The Mathematician, The Physicist and the Engineer

Informant: I’m a math-econ major so I was always highly interested in math, science, and engineering. I heard this from one of my math professors in high school. Weirdly it was one of my math professors or my religion teacher. So basically you have a mathematician, a physicist, and an engineer. And so they are all in separate classrooms and a fire breaks out in their rubbish pails simultaneously. Uh . . . I can’t remember which one was which, but the physicist calculates the exact amount required to put out the fire and then put outs the fire with very little mess. The engineer just dumps water on it to put out the fire and makes a huge mess. The mathematician on the other hand starts writing on the board, fills up one board, goes on to the next, fills up that one, goes on to the next, fills up that one, puts down his chalk and says, “it can be done, it can be put out”. And that’s basically the joke; it plays off of stereotypes of physicists, engineers, and mathematicians

Interviewer: How old were you approximately when you first heard it?

Informant: I was in high school so I was around 16-17 in Washington D.C

Interviewer: Do you tell it to other people?

Informant: Not really anymore, because I don’t remember it properly. I found it hilarious when I first heard it because I found it so true.

Interviewer’s notes:

This joke is a type of Blason Populaire. The humor of the joke plays off of the stereotypes of physicists as precise, engineers as messy, and mathematicians as over -thinkers. It is interesting to note that the informant is in the same field of study of the subjects of the joke which is indicative of why the informant is compelled to proliferate the joke. For the informant, the humor is enhanced by her ability to relate.
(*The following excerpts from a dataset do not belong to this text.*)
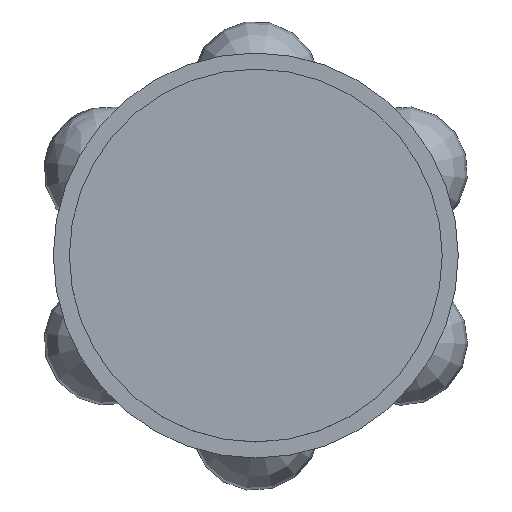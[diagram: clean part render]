
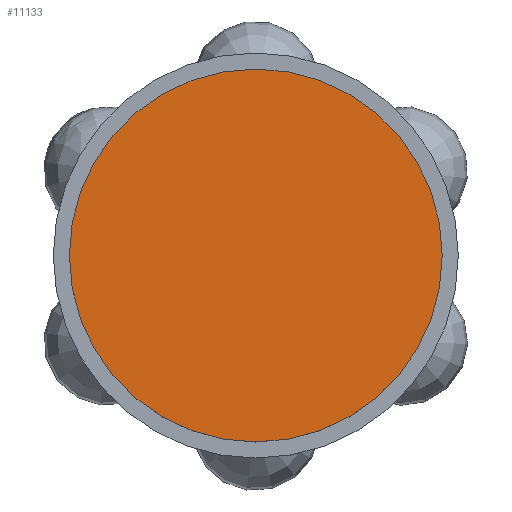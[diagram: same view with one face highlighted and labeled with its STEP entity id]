
A CAD part, top view. The second image highlights one B-rep face of the part: STEP entity #11133.
In plain terms, the highlighted planar face has unit normal (0, 0, 1).
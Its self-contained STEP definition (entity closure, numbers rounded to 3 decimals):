
#629=PLANE('',#11978);
#1098=FACE_OUTER_BOUND('',#1873,.T.);
#1873=EDGE_LOOP('',(#7571));
#3757=CIRCLE('',#11976,290.);
#4715=VERTEX_POINT('',#17574);
#5841=EDGE_CURVE('',#4715,#4715,#3757,.T.);
#7571=ORIENTED_EDGE('',*,*,#5841,.T.);
#11133=ADVANCED_FACE('',(#1098),#629,.T.);
#11976=AXIS2_PLACEMENT_3D('',#17575,#13729,#13730);
#11978=AXIS2_PLACEMENT_3D('',#17579,#13734,#13735);
#13729=DIRECTION('center_axis',(0.,0.,
1.));
#13730=DIRECTION('ref_axis',(1.,0.,0.));
#13734=DIRECTION('center_axis',(0.,0.,
1.));
#13735=DIRECTION('ref_axis',(1.,0.,0.));
#17574=CARTESIAN_POINT('',(-290.,0.,919.489));
#17575=CARTESIAN_POINT('Origin',(0.,0.,
919.489));
#17579=CARTESIAN_POINT('Origin',(0.,0.,
919.489));

# Student inadvertently solves never-before-solved math problems

My informant told me about a story she heard about a student waking up late and rushing to their final, then frantically trying to finish the three equations on the board. The first two weren’t so bad, but the third was difficult. He finally finished and turned it into the professor only to find out later the third was actually not part of the test. Instead, it was a problem that had as of yet been unsolved. He had figured it out, though. My informant likes it because she thinks it would be cool to accidentally become famous like that and because it relates to one of her favorite movies, Good Will Hunting, since the main character in it easily solves equations no else could.

I like how the story reflects how we believe what we hear; when we are told something is impossible, it will seem much harder in our mind. But when we think something is supposed to be solvable, it may be easier to figure out, even if it’s never been done before. Limitations we place on ourselves are often illusory.

I looked into the story and found that it is actually based in truth. In 1939, George Dantzig arrived late to his graduate statistics class and saw two problems on the board, not knowing they were examples of problems that had never been solved. He thought they were a homework assignment and was able to solve them. He found out the reality six weeks later when his teacher let him know and helped him publish a paper about one of the problems.

Annotation: Cottle, Richard, Ellis Johnson, and Roger Wets. “George B. Dantzig.” Notices of the AMS 54.3 (2007). Web. April 23 2012.